(Dataset excerpts)
------------------------

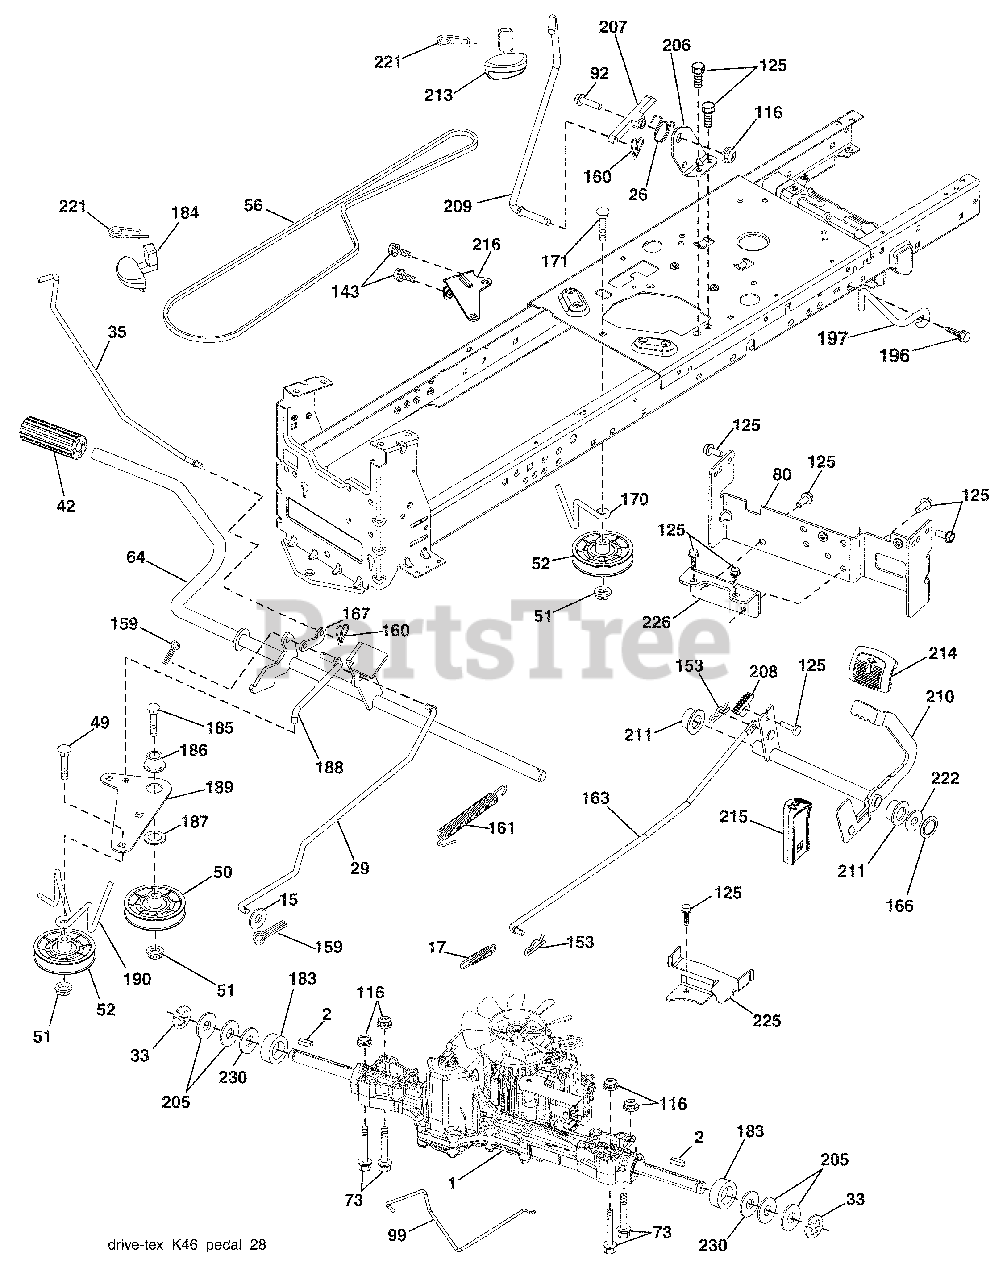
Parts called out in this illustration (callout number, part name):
1	Transaxle, TUFFTORQ K46 BT (Internal parts not available)
15	Washer 13/32 x 13/16 x 16 Ga.
17	Spring, Brake
26	Spring Return Cruise
29	Rod, Brake
35	Rod, Brake, Park
42	Cover, Foot Pedal
50	Pulley Idler Flat
51	Lock Nut 3/8-16
52	Idler V-Groove 910 Offset"
56	V-Belt, Drive
64	Shaft Asm. Pedal Brake Control
73	Bolt Hex Flghd 5/16-18 Gr. 5
80	Bracket Strap Torque
92	Bolt Fin Hex 5/16-18 unc x 1.25
99	Rod Asm. Bypass
116	Nut Lock Hex Flange 5/16-18
125	Screw 5/16-18 x 3/4
143	Screw 5/16-18 x 1/2
153	Retainer Spring
159	Pin Cotter 1/8 x 3/4
160	Retainer Clip
161	Spring, Return, Clutch
163	Rod Pedal Control
166	Nut Push
167	Latch Brake Parking
170	Keeper Belt Centerspan
171	Bolt RDHD SQNK 3/8-16 unc x 2
183	Spacer Split
184	Handle Parking Brake
185	Bolt Rdhd Sqnk 3/8-16 x 2-1/2
186	Spacer Retainer
187	Washer
188	Link Clutch Ground Drive
189	Bellcrank Ground Drive
190	Keeper Bellcrank Ground Drive
196	Screw 3/8-16 x 1
197	Bracket Clutch Anti-Rotation
206	Bracket Mount Latch Cruise
207	Latch Control Cruise
208	Gear Sector Control Cruise
209	Rod Control Cruise
210	Rocker Asm. Pedal Control
211	Bearing Nylon
213	Knob Control Cruise
214	Pedal Forward
215	Pedal Reverse
216	Bracket Pulley Idler
221	Retainer Spring Clip Handle
222	Washer 21/32 x 1-1/4 x 10 Ga.
225	Keeper Belt Trans.
226	Bracket Mount Torque
230	Washer Hardened

------------------------

▸ **Problem details**
The answer must be an exact copy of the records, with no pictures in it.

▸ **Written response**
Parts called out in this illustration (callout number, part name):
1	Transaxle, TUFFTORQ K46 BT (Internal parts not available)
15	Washer 13/32 x 13/16 x 16 Ga.
17	Spring, Brake
26	Spring Return Cruise
29	Rod, Brake
35	Rod, Brake, Park
42	Cover, Foot Pedal
50	Pulley Idler Flat
51	Lock Nut 3/8-16
52	Idler V-Groove 910 Offset"
56	V-Belt, Drive
64	Shaft Asm. Pedal Brake Control
73	Bolt Hex Flghd 5/16-18 Gr. 5
80	Bracket Strap Torque
92	Bolt Fin Hex 5/16-18 unc x 1.25
99	Rod Asm. Bypass
116	Nut Lock Hex Flange 5/16-18
125	Screw 5/16-18 x 3/4
143	Screw 5/16-18 x 1/2
153	Retainer Spring
159	Pin Cotter 1/8 x 3/4
160	Retainer Clip
161	Spring, Return, Clutch
163	Rod Pedal Control
166	Nut Push
167	Latch Brake Parking
170	Keeper Belt Centerspan
171	Bolt RDHD SQNK 3/8-16 unc x 2
183	Spacer Split
184	Handle Parking Brake
185	Bolt Rdhd Sqnk 3/8-16 x 2-1/2
186	Spacer Retainer
187	Washer
188	Link Clutch Ground Drive
189	Bellcrank Ground Drive
190	Keeper Bellcrank Ground Drive
196	Screw 3/8-16 x 1
197	Bracket Clutch Anti-Rotation
206	Bracket Mount Latch Cruise
207	Latch Control Cruise
208	Gear Sector Control Cruise
209	Rod Control Cruise
210	Rocker Asm. Pedal Control
211	Bearing Nylon
213	Knob Control Cruise
214	Pedal Forward
215	Pedal Reverse
216	Bracket Pulley Idler
221	Retainer Spring Clip Handle
222	Washer 21/32 x 1-1/4 x 10 Ga.
225	Keeper Belt Trans.
226	Bracket Mount Torque
230	Washer Hardened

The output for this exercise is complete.